Reocities.com is now starting to be full enough to be of actual use to people, I've restored well over 500K accounts and I would like to announce this somehow.<p>There seems to be a great glut of companies that claim they are specialists in getting your message out there but I wouldn't know how to tell the real ones from the wasted money ones.<p>Is there a service anybody here has used that they can recommend ?
======
bigstartups
My experience is while press releases are valuable marketing tools, press
release services are worthless. I've done probably a dozen press releases
utilizing some of the expensive services.
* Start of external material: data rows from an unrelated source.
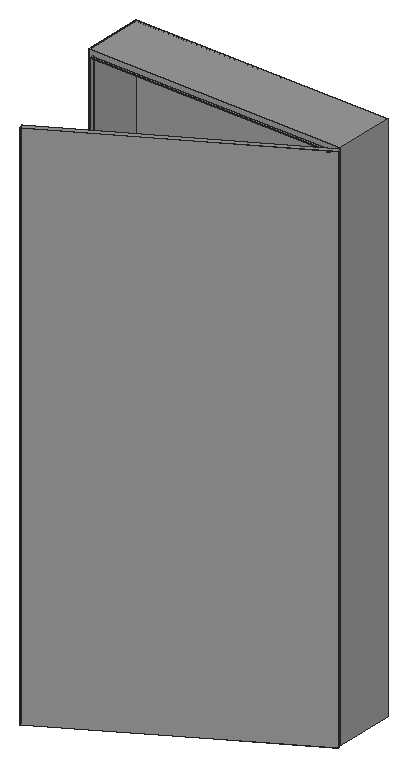
Revit family "Hager-Univers-IP44-D205-H1700-Cl.II-Encl-NoHosted-PT-pt", category Electrical Equipment, Revit 2020
Family settings
  Panel Configuration = Two Columns, Circuits Across
  Round Connector Dimension = Use Diameter
  Part Type = Panelboard
  Work Plane-Based = Yes
  Always vertical = Yes
  Cut with Voids When Loaded = No
  Shared = No
  Room Calculation Point = No
Parameters (values of type "Montagem em superfície (gesso) IP44 L800 A1700 P205  - FP13SN2")
  Width Control [instance] = if([EF000008 - Largura] > Min Width, [EF000008 - Largura], Min Width)  # 800 mm
  Type Comments = [HG000003 - Gama]  # "Univers"
  Thickness Door [instance] = if([EF009171 - Espessura do material da porta/tampa] > 3 mm, 3 mm, [EF009171 - Espessura do material da porta/tampa])  # 1 mm
  Seal Frame Offset [instance] = 17 mm  # constant formula
  Plinth Visibility [instance] = [HG000027 - Altura da Plinta] > 0 mm  # no
  Min Width [instance] = 100 mm  # constant formula
  Min Depth [instance] = (2 * [EF009170 - Espessura do material do invólucro]) + 1 mm  # 3 mm
  Min Height [instance] = 100 mm  # constant formula
  Internal Frame Depth [instance] = (Door System Depth * 0.5)  # 9 mm
  Panel Name [instance] = ""  # (empty or 0)
  Model = ""
  HG000027 - Altura da Plinta = 0 mm
  HG000026 - Instalação no chão = no
  HG000024 - Altura da secção inferior = 600 mm
  HG000023 - Recinto de secção dupla = no
  HG000016 - Visibilidade da porta 3D [instance] = yes
  HG000015 - Visibilidade através da porta [instance] = no
  HG000014 - Porta à direita [instance] = yes
  HG000013 - Porta à esquerda [instance] = not([HG000014 - Porta à direita])  # no
  HG000012 - Ângulo de abertura de porta [instance] = 30.00°
  HG000010 - Portas assimétricas = no
  HG000009 - Porta dupla = no
  HG000006 - Encastrado = no
  HG000004 - Referência do Fabricante = "FP13SN2"
  HG000003 - Gama = "Univers"
  HG000002 - Com porta ou tampa = yes
  Frame Offset Bottom [instance] = 10 mm  # constant formula
  Frame Offset [instance] = 15 mm  # constant formula
  EF015940 - Tampa com libertação de sobrepressão = no
  EF011959 - Grau de proteção (NEMA) = ""
  EF009554 - Número de aberturas para placas de flange = 6
  EF009212 - Tipo de tampa = "EV000116 - Fechado"
  EF009171 - Espessura do material da porta/tampa = 1 mm
  EF009170 - Espessura do material do invólucro = 1 mm
  EF008873 - Corrente nominal (In) = 400 A
  EF007800 - Adequado para proteção contra raios = no
  EF006306 - Com fecho = no
  EF006244 - Tampa/porta transparente = no
  EF005474 - Grau de proteção (IP) = "EV006418 - IP44"
  EF004464 - Tipo de porta = "EV002646 - Único"
  EF004427 - Número de módulos = 396
  EF004293 - Força de impacto = "EV006815 - IK09"
  EF003532 - Adequado para uso no exterior = no
  EF002950 - Largura em número de módulos = 36
  EF001613 - Integridade do circuito = "EV000494 - Nenhum"
  EF001596 - Material do corpo = "EV000179 - Aço"
  EF001131 - Profundidade interior = 143 mm
  EF001088 - Extensão possível = yes
  EF000437 - Número de entradas de condutores = 6
  EF000339 - Tipo de difusor = "EV001012 - Tampa"
  EF000266 - Número de linhas = 11
  EF000218 - Profundidade incorporada = 205 mm
  EF000118 - Com tampa de montagem = no
  EF000116 - Número RAL = "9010"
  EF000049 - Profundidade = 205 mm
  EF000040 - Altura = 1700 mm
  EF000008 - Largura = 800 mm
  EF000007 - Cor = "EV000202 - Branco"
  EF000003 - Método de montagem = "EV000384 - Montagem em superfície (gesso)"
  Door System Leaf Tolerance [instance] = 1.5 mm  # constant formula
  Door System Depth [instance] = 18 mm  # constant formula
  Door Height [instance] = Height Control - [HG000027 - Altura da Plinta]  # 1700 mm
  Description = ""
  Default Elevation = 1219.2 mm
  Connector Offset [instance] = Height Control / 2  # 850 mm
  Manufacturer = "Hager"  # constant formula
  Height Control [instance] = if([EF000040 - Altura] > Min Height, [EF000040 - Altura], Min Height)  # 1700 mm
  Depth Control [instance] = if([EF000049 - Profundidade] > Min Depth, [EF000049 - Profundidade], Min Depth)  # 205 mm
  Bottom Top Plate Trim [instance] = 1.5 mm  # constant formula
  Plinth height Ctrl [instance] = if([HG000027 - Altura da Plinta] > 0 mm, [HG000027 - Altura da Plinta], 12 mm)  # 12 mm
Types (5, lengths in mm): name | Width Control | HG000010 - Portas assimétricas | HG000009 - Porta dupla | HG000004 - Referência do Fabricante | EF009554 - Número de aberturas para placas de flange | EF008873 - Corrente nominal (In) | EF004464 - Tipo de porta | EF004427 - Número de módulos | EF002950 - Largura em número de módulos | EF000437 - Número de entradas de condutores | EF000008 - Largura
  Montagem em superfície (gesso) IP44 L1050 A1700 P205  - FP14SN2 | 1050 | no | yes | "FP14SN2" | 8 | 400 A | "EV003602 - Duplo" | 528 | 48 | 8 | 1050
  Montagem em superfície (gesso) IP44 L1300 A1700 P205  - FP15SN2 | 1300 | yes | yes | "FP15SN2" | 10 | 400 A | "EV003602 - Duplo" | 660 | 60 | 10 | 1300
  Montagem em superfície (gesso) IP44 L300 A1700 P205  - FP11SN2 | 300 | no | no | "FP11SN2" | 2 | 250 A | "EV002646 - Único" | 132 | 12 | 2 | 300
  Montagem em superfície (gesso) IP44 L550 A1700 P205  - FP12SN2 | 550 | no | no | "FP12SN2" | 4 | 250 A | "EV002646 - Único" | 264 | 24 | 4 | 550
  Montagem em superfície (gesso) IP44 L800 A1700 P205  - FP13SN2 | 800 | no | no | "FP13SN2" | 6 | 400 A | "EV002646 - Único" | 396 | 36 | 6 | 800
Reference planes
  plane 1 "Center (Front/Back)": y = 0
  plane 2: z = 0
  plane 3 "Center (Left/Right)": x = 0
  plane 4: y = 0
  plane 5: y = 0
  plane 6: z = 0
  plane 7: x = -400
  plane 8: x = 400
  plane 9: x = 399
  plane 10: x = -399
  plane 11: z = 0
  plane 12: z = 1
  plane 13: y = -205
  plane 14: y = -1
  plane 15: x = 0
  plane 16: y = -187
  plane 17: y = -204
  plane 18: y = -186
  plane 19: x = -384
  plane 20: x = 384
  plane 21: z = 11
  plane 22: x = -383
  plane 23: x = 383
  plane 24: z = 0
  plane 25: z = 1700
  plane 26: z = 1700
  plane 27: z = 1684
  plane 28: z = 1699
Forms (mm)
  Extrusion 1, solid, material "Hager_Steel_RAL7035_Light_Grey", detail levels medium+fine
    sketch origin (-208.679, -4572, 0) x (-1, 0, 0) y (0, -1, 0)
      loop
        line (191.321, -4385) -> (-608.679, -4385) -> (-608.679, -4572) -> (191.321, -4572) -> (191.321, -4385)
    from 0 to 1700
  Extrusion 2, void
    sketch origin (-350.771, -205, 1219.2) x (1, 0, 0) y (0, 0, 1)
      loop
        line (-48.229, 479.8) -> (-48.229, -1218.2) -> (749.771, -1218.2) -> (749.771, 479.8) -> (-48.229, 479.8)
    from -19 to -204
  Extrusion 3, void
    sketch origin (-290.084, -187, 1219.2) x (1, 0, 0) y (0, 0, 1)
      loop
        line (-93.916, -1208.2) -> (674.084, -1208.2) -> (674.084, 464.8) -> (-93.916, 464.8) -> (-93.916, -1208.2)
    from 0 to -1
  Extrusion 4, solid, material "Hager_Steel_RAL7035_Light_Grey", visible <- "Plinth Visibility", detail levels medium+fine
    sketch origin (0, 0, 0) x (1, 0, 0) y (0, 1, 0)
      loop
        line (-400, 0) -> (-400, -187) -> (400, -187) -> (400, 0) -> (-400, 0)
    from 0 to 12 <- "Plinth height Ctrl"
  Extrusion 5, solid, material "Hager_Steel_RAL7035_Light_Grey", detail levels coarse
    sketch origin (0, 0, 0) x (1, 0, 0) y (0, 1, 0)
      loop
        line (-400, 0) -> (-400, -205) -> (400, -205) -> (400, 0) -> (-400, 0)
    from 0 to 1700 <- "Height Control"
  Sweep 6, void
    path in 3D
      loop
        line (-400, -187, 12) -> (400, -187, 12) -> (400, 0, 12) -> (-400, 0, 12) -> (-400, -187, 12)
    profile origin (-400, -93.5, 12) x (1, 0, 0) y (0, 0, 1)
      loop
        line (0, 0) -> (0, -1.5) -> (1.5, -1.5)
        arc (1.5, -1.5) -> (1.061, -0.439) -> (0, 0) r 1.5
  Extrusion 7, solid, material "Hager_Steel_RAL7035_Light_Grey", detail levels fine
    sketch origin (-400, -187, 0) x (1, 0, 0) y (0, 0, 1)
      loop
        line (16, 11) -> (784, 11) -> (784, 1684) -> (16, 1684) -> (16, 11)
      loop
        line (15, 10) -> (785, 10) -> (785, 1685) -> (15, 1685) -> (15, 10)
    from 0 to 9 <- "Internal Frame Depth"
Cuts and joins
  Extrusion 2, Extrusion 3 cuts Extrusion 1
  Sweep 6 cuts Extrusion 4
Lines and regions (mm)
  Masking region 1
    outline origin (0, 0, 0) x (1, 0, 0) y (0, 1, 0)
      loop
        line (-400, 0) -> (-400, -205) -> (400, -205) -> (400, 0) -> (-400, 0)
  Masking region 2, detail levels coarse
    outline origin (-290.084, -187, 1219.2) x (-1, 0, 0) y (0, 0, 1)
      loop
        line (-690.084, -1219.2) -> (109.916, -1219.2) -> (109.916, 480.8) -> (-690.084, 480.8) -> (-690.084, -1219.2)
  Masking region 3, detail levels coarse
    outline origin (0, 0, 0) x (0, 1, 0) y (0, 0, 1)
      loop
        line (0, 0) -> (0, 1700) -> (-205, 1700) -> (-205, 0) -> (0, 0)
  Masking region 4, visible <- "Plinth Visibility", detail levels medium+fine
    outline origin (0, 0, 0) x (0, 1, 0) y (0, 0, 1)
      loop
        line (-1.5, 12) -> (-185.5, 12)
        arc (-185.5, 12) -> (-185.939, 10.939) -> (-187, 10.5) r 1.5
        line (-187, 10.5) -> (-187, 0) -> (0, 0) -> (0, 10.5)
        arc (0, 10.5) -> (-1.061, 10.939) -> (-1.5, 12) r 1.5
  Masking region 5, detail levels medium+fine
    outline origin (0, 0, 594.038) x (0, 1, 0) y (0, 0, 1)
      loop
        line (0, -594.038) -> (0, 1105.962) -> (-187, 1105.962) -> (-187, -594.038) -> (0, -594.038)
  Masking region 6, detail levels medium+fine
    outline origin (-359.7, -187, 1211.883) x (-1, 0, 0) y (0, 0, 1)
      loop
        line (-759.7, -1211.883) -> (40.3, -1211.883) -> (40.3, 488.117) -> (-759.7, 488.117) -> (-759.7, -1211.883)
  Masking region 7, visible <- "Plinth Visibility", detail levels medium+fine
    outline origin (-320.334, -187, 1041.368) x (-1, 0, 0) y (0, 0, 1)
      loop
        line (-720.334, -1041.368) -> (79.666, -1041.368) -> (79.666, -1030.868)
        arc (79.666, -1030.868) -> (78.606, -1030.429) -> (78.166, -1029.368) r 1.5
        line (78.166, -1029.368) -> (-718.834, -1029.368)
        arc (-718.834, -1029.368) -> (-719.273, -1030.429) -> (-720.334, -1030.868) r 1.5
        line (-720.334, -1030.868) -> (-720.334, -1041.368)
  sketch lines
    curve 1: line (-400, 0, 12) -> (-400, -187, 12)
    curve 2: line (-400, -187, 12) -> (400, -187, 12)
    curve 3: line (400, 0, 12) -> (-400, 0, 12)
    curve 4: line (400, -187, 12) -> (400, 0, 12)
Dimensions and locks
  locked: plane 1 "Center (Front/Back)" to plane 5
  "EF009170 - Espessura do material do invólucro": plane 7 to plane 10
  "EF009170 - Espessura do material do invólucro": plane 8 to plane 9
  equal spacing: plane 7, plane 3 "Center (Left/Right)", plane 8
  "Width Control": plane 7 to plane 8
  "Depth Control": plane 4 to plane 13
  "EF009170 - Espessura do material do invólucro": plane 4 to plane 14
  "Height Control": plane 25 to level
  "HG000027 - Altura da Plinta": plane 11 to level
  "EF009170 - Espessura do material do invólucro": plane 12 to plane 11
  "EF009170 - Espessura do material do invólucro": plane 17 to plane 13
  "EF009170 - Espessura do material do invólucro": plane 18 to plane 16
  "Frame Offset Bottom": plane 21 to plane 12
  "Frame Offset": plane 10 to plane 19
  "Frame Offset": plane 9 to plane 20
  "Door System Depth": plane 16 to plane 13
  "Seal Frame Offset": plane 7 to plane 22
  "Seal Frame Offset": plane 8 to plane 23
  "EF009170 - Espessura do material do invólucro": plane 26 to plane 28
  "Frame Offset": plane 28 to plane 27
  "Connector Offset": plane 2 to connector elem
  "Bottom Top Plate Trim": profile plane to Sweep 6 sketch curve
  "Bottom Top Plate Trim": Sweep 6 sketch curve to Sweep 6 sketch curve
  "Plinth height Ctrl": Masking region 4 sketch curve to level
  "Plinth height Ctrl": Masking region 7 sketch curve to level
  "Thickness Door": Extrusion 7 sketch curve to Extrusion 7 sketch curve  (x4)
  "Bottom Top Plate Trim": radius of Sweep 6 sketch curve
  "Bottom Top Plate Trim": radius of Masking region 4 sketch curve  (x2)
  "Bottom Top Plate Trim": radius of Masking region 7 sketch curve  (x2)
  aligned and locked: Extrusion 2 sketch curve to plane 12
  aligned and locked: Extrusion 2 sketch curve to plane 9
  aligned and locked: Extrusion 2 sketch curve to plane 10
  aligned and locked: Extrusion 2 to plane 14
  aligned and locked: Extrusion 1 sketch curve to plane 4
  aligned and locked: plane 8 to Extrusion 1 sketch curve
  aligned and locked: plane 7 to Extrusion 1 sketch curve
  aligned and locked: Extrusion 2 to plane 18
  aligned and locked: Extrusion 3 sketch curve to plane 19
  aligned and locked: plane 20 to Extrusion 3 sketch curve
  aligned and locked: Extrusion 3 to Extrusion 2
  aligned and locked: Extrusion 3 sketch curve to plane 21
  aligned and locked: plane 3 "Center (Left/Right)" to nested 1
  aligned and locked: Extrusion 1 sketch curve to plane 16
  aligned and locked: Extrusion 4 sketch curve to cut or joined group of Extrusion 1, Extrusion 2, Extrusion 3
  aligned and locked: Masking region 1 sketch curve to plane 7
  aligned and locked: Masking region 1 sketch curve to plane 5
  aligned and locked: Masking region 1 sketch curve to plane 8
  aligned and locked: Masking region 2 sketch curve to level
  aligned and locked: level to Masking region 3 sketch curve
  aligned and locked: plane 1 "Center (Front/Back)" to Masking region 3 sketch curve
  aligned and locked: plane 13 to Masking region 3 sketch curve
  aligned and locked: plane 5 to Masking region 4 sketch curve
  aligned and locked: Masking region 2 sketch curve to plane 8
  aligned and locked: Masking region 2 sketch curve to plane 7
  aligned and locked: plane 7 to nested 2
  aligned and locked: nested 2 to plane 5
  aligned and locked: plane 5 to Masking region 5 sketch curve
  aligned and locked: plane 26 to Masking region 5 sketch curve
  aligned and locked: Extrusion 5 sketch curve to plane 8
  aligned and locked: Extrusion 5 sketch curve to plane 7
  aligned and locked: Extrusion 5 sketch curve to plane 5
  aligned and locked: Extrusion 3 sketch curve to plane 27
  aligned and locked: Extrusion 2 sketch curve to plane 28
  aligned and locked: Masking region 2 to plane 25
  aligned and locked: Extrusion 4 to plane 16
  aligned and locked: profile plane to Sweep 6 sketch curve
  aligned and locked: Masking region 5 sketch curve to plane 24
  aligned and locked: level to Masking region 4 sketch curve
  aligned and locked: Masking region 1 to plane 13
  aligned and locked: nested 1 to plane 16
  aligned and locked: Masking region 3 to plane 25
  aligned and locked: plane 16 to Masking region 4 sketch curve
  aligned and locked: Masking region 5 sketch curve to plane 16
  aligned and locked: plane 24 to plane 11
  aligned and locked: plane 26 to plane 25
  aligned and locked: plane 26 to cut or joined group of Extrusion 1, Extrusion 2, Extrusion 3
  aligned and locked: nested 1 to plane 24
  aligned and locked: Extrusion 1 to Extrusion 3
  aligned and locked: Masking region 6 sketch curve to plane 8
  aligned and locked: Masking region 6 sketch curve to plane 24
  aligned and locked: Masking region 6 sketch curve to plane 7
  aligned and locked: Masking region 6 sketch curve to plane 26
  aligned and locked: Masking region 7 sketch curve to plane 7
  aligned and locked: level to Masking region 7 sketch curve
  aligned and locked: Masking region 7 sketch curve to plane 8
  aligned and locked: Extrusion 7 sketch curve to cut or joined group of Extrusion 1, Extrusion 2, Extrusion 3  (x4)
Automatic sketch dimensions
  plane 19 to Extrusion 3 sketch curve = 0 mm
  Extrusion 3 sketch curve to plane 20 = 0 mm
  Extrusion 3 sketch curve to plane 21 = 0 mm
  Extrusion 4 sketch curve to plane 7 = 0 mm
  Extrusion 4 sketch curve to plane 8 = 0 mm
  Extrusion 4 sketch curve to plane 16 = 0 mm
  Masking region 1 sketch curve to plane 13 = 0 mm
  Masking region 2 sketch curve to plane 25 = 0 mm
  Masking region 3 sketch curve to plane 25 = 0 mm
  Extrusion 5 sketch curve to plane 13 = 0 mm
  profile plane to Sweep 6 sketch curve = 0 mm
Nested families
  nested 1: "EC000058_Univers_Door" at (0, -187, 0), Double <- "HG000009 - Porta dupla", Transparent <- "EF006244 - Tampa/porta transparente", Angle <- "HG000012 - Ângulo de abertura de porta", Door_Right <- "HG000014 - Porta à direita", Assymetrical <- "HG000010 - Portas assimétricas", Door <- "HG000002 - Com porta ou tampa", Width_Ctrl <- "Width Control", 3d_Door <- "HG000016 - Visibilidade da porta 3D", Clearance <- "HG000015 - Visibilidade através da porta", Door_Left <- "HG000013 - Porta à esquerda", Width <- "Width Control", Door_Depth <- "Door System Depth", Leaf_Tolerance <- "Door System Leaf Tolerance", Height <- "Door Height", Lock_Visibility <- "EF006306 - Com fecho", Thickness <- "Thickness Door", type "EC000058_Univers_Door", detail levels medium+fine
    with min_wh 3 mm, Width_Ctrl 800 mm, Width 800 mm, Transparent no, Thickness 1 mm, Seal_Material Hager_Rubber, Lock_Visibility no, Lock_Material Hager_Plastic_RAL9005_Jet_Black, Leaf_Width 800 mm, Leaf_Tolerance_External_Sides 0 mm, Leaf_Tolerance 1.5 mm, Leaf_Offset 0 mm, Leaf_Height 1697 mm, Leaf_2_Width 800 mm, Leaf_2_Offset 400 mm, Leaf_1_Width 800 mm, Leaf_1_Offset 400 mm, Height_Ctrl 1700 mm, Height 1700 mm, Glass_Material Hager_Glass, Double_Clearance_Ctrl no, Double no, Door_Right_Ctrl yes, Door_Right yes, Door_Material Hager_Steel_RAL7035_Light_Grey, Door_Left_Ctrl no, Door_Left no, Door_Depth 18 mm, Door yes, Clearance_Material Hager_Clearance, Clearance_Depth 800 mm, Clearance_Ctrl no, Clearance no, Assymetrical no, Angle 30.00°, 3d_Door yes
  nested 2: "Hager_Enclosure_Symbol" at (-400, 0, 0), Height <- "Depth Control", Width <- "Width Control", type "Hager_Enclosure_Symbol"
    with Width_Ctrl 800 mm, Width 800 mm, Height_Ctrl 205 mm, Height 205 mm, A_Width_Int 13.453 mm, A_Width 161.438 mm, A_Height_Ctrl 179.375 mm, A_Height 179.375 mm
Connectors
  electrical at (0, 0, 850)
    settings: on plane 1 "Center (Front/Back)", index 1, voltage 0 V, apparent load 0 VA, apparent load phase1 0 VA, apparent load phase2 0 VA, apparent load phase3 0 VA, power factor 1, load classification "Other", number of poles 1, system type 30, power factor state 1, is connector primary yes, connector utility no, sub classification motor no, connector description ""
Definition of nested family "EC000058_Univers_Door"
  Parameters (values of type "EC000058_Univers_Door")
    min_wh [instance] = (2 * Thickness) + 1 mm  # 11 mm
    Width_Ctrl [instance] = 400 mm
    Width [instance] = 500 mm
    Transparent [instance] = yes
    Thickness [instance] = 5 mm
    Seal_Material [instance] = none
    Lock_Visibility [instance] = yes
    Lock_Material [instance] = none
    Leaf_Width [instance] = if((Width_Ctrl - 2 * Leaf_Tolerance_External_Sides) > 0 mm, (Width_Ctrl - 2 * Leaf_Tolerance_External_Sides), min_wh)  # 400 mm
    Leaf_Tolerance_External_Sides [instance] = 0 mm  # constant formula
    Leaf_Tolerance [instance] = 1.5 mm
    Leaf_Offset [instance] = 0 mm  # constant formula
    Leaf_Height [instance] = if((Height_Ctrl - 2 * Leaf_Tolerance) > 0 mm, (Height_Ctrl - 2 * Leaf_Tolerance), min_wh)  # 497 mm
    Leaf_2_Width [instance] = if(and(and(Double, Assymetrical), Door_Left), (Leaf_Width / 3) - (Leaf_Tolerance / 2), if(and(and(Double, Assymetrical), Door_Right), (Leaf_Width / 3) * 2 - (Leaf_Tolerance / 2), if(and(Double, not(Assymetrical)), (Leaf_Width / 2) - Leaf_Tolerance, Leaf_Width)))  # 400 mm
    Leaf_2_Offset [instance] = if(and(Double, Assymetrical), Leaf_2_Width / 2, if(and(Double, not(Assymetrical)), Leaf_Width / 4, Leaf_Width / 2))  # 200 mm
    Leaf_1_Width [instance] = if(and(and(Double, Assymetrical), Door_Right), (Leaf_Width / 3) - (Leaf_Tolerance / 2), if(and(and(Double, Assymetrical), Door_Left), (Width / 3) * 2 - (Leaf_Tolerance / 2), if(and(Double, not(Assymetrical)), (Leaf_Width / 2) - Leaf_Tolerance, Leaf_Width)))  # 400 mm
    Leaf_1_Offset [instance] = if(and(Double, Assymetrical), Leaf_1_Width / 2, if(and(Double, not(Assymetrical)), Leaf_Width / 4, Leaf_Width / 2))  # 200 mm
    Height_Ctrl [instance] = if(Height > min_wh, Height, min_wh)  # 500 mm
    Height [instance] = 500 mm
    Glass_Material [instance] = none
    Double_Clearance_Ctrl [instance] = and(Double, Clearance)  # no
    Double [instance] = no
    Door_Right_Ctrl [instance] = and(or(Door_Right, Double), Door)  # yes
    Door_Right [instance] = yes
    Door_Material [instance] = none
    Door_Left_Ctrl [instance] = and(or(Door_Left, Double), Door)  # no
    Door_Left [instance] = no
    Door_Depth [instance] = 30 mm
    Door [instance] = yes
    Default Elevation = 1219.2 mm
    Clearance_Material [instance] = none
    Clearance_Depth [instance] = if(Leaf_1_Width > Leaf_2_Width, Leaf_1_Width, Leaf_2_Width)  # 400 mm
    Clearance_Ctrl [instance] = and(not(Double), Clearance)  # yes
    Clearance [instance] = yes
    Assymetrical [instance] = yes
    Angle [instance] = 30.00°
    3d_Door [instance] = yes
  Reference planes
    plane 1 "Center (Front/Back)": y = 0
    plane 2 "Bottom": z = 0
    plane 3 "Center (Left/Right)": x = 0
    plane 4: z = 500
    plane 5: x = -200
    plane 6: x = 200
    plane 7: z = 500
    plane 8: x = -200
    plane 9: z = 0
    plane 10: x = 200
    plane 11: y = 0
    plane 12: z = 1.5
    plane 13: x = -600
    plane 14: y = -400
    plane 15: x = 600
    plane 16: x = 0
    plane 17: x = 0
    plane 18: x = -200
    plane 19: x = 200
    plane 20: z = 498.5
  Forms (mm)
    Extrusion 1, solid, material <- "Clearance_Material", visible <- "Double_Clearance_Ctrl"
      sketch origin (1200, 0, 0) x (1, 0, 0) y (0, 0, -1)
        loop
          line (-1800, -498.5) -> (-600, -498.5) -> (-600, 0) -> (-1800, 0) -> (-1800, -498.5)
      from 0 to -400
  Dimensions and locks
    equal spacing: plane 5, plane 3 "Center (Left/Right)", plane 6
    "Width_Ctrl": plane 5 to plane 6
    "Leaf_Offset": plane 5 to plane 8
    "Leaf_Offset": plane 6 to plane 10
    "Leaf_Offset": plane 9 to level
    "Leaf_Offset": plane 4 to plane 7
    "Height_Ctrl": plane 4 to level
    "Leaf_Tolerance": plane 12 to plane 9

Not once has a service been directly
responsible for a write up or driven any substantial amount of traffic.

Identify your target audience of bloggers and writers and get your press
release directly to them.

I wrote my experience with press releases here.

[http://www.bigstartups.com/matt/blog/122/Effective-Ways-
to-P...](http://www.bigstartups.com/matt/blog/122/Effective-Ways-to-Promote-
Your-Startup-Cheaply)

------
ankeshk
Check these 2 people out: they are pretty good at what they do:

<http://www.imalwagner.com>

<http://www.publicityhound.com>

Whatever you do - don't go for a cookie cutter plan where all they do is write
a press release and submit it out and then offer tracking services. Make the
publicist sit down with you and create a customized plan.

------
mrduncan
Instead of a press-release, you could try contacting some blogs individually
which focus on your target audience (admittedly I'm not sure what your target
audience is).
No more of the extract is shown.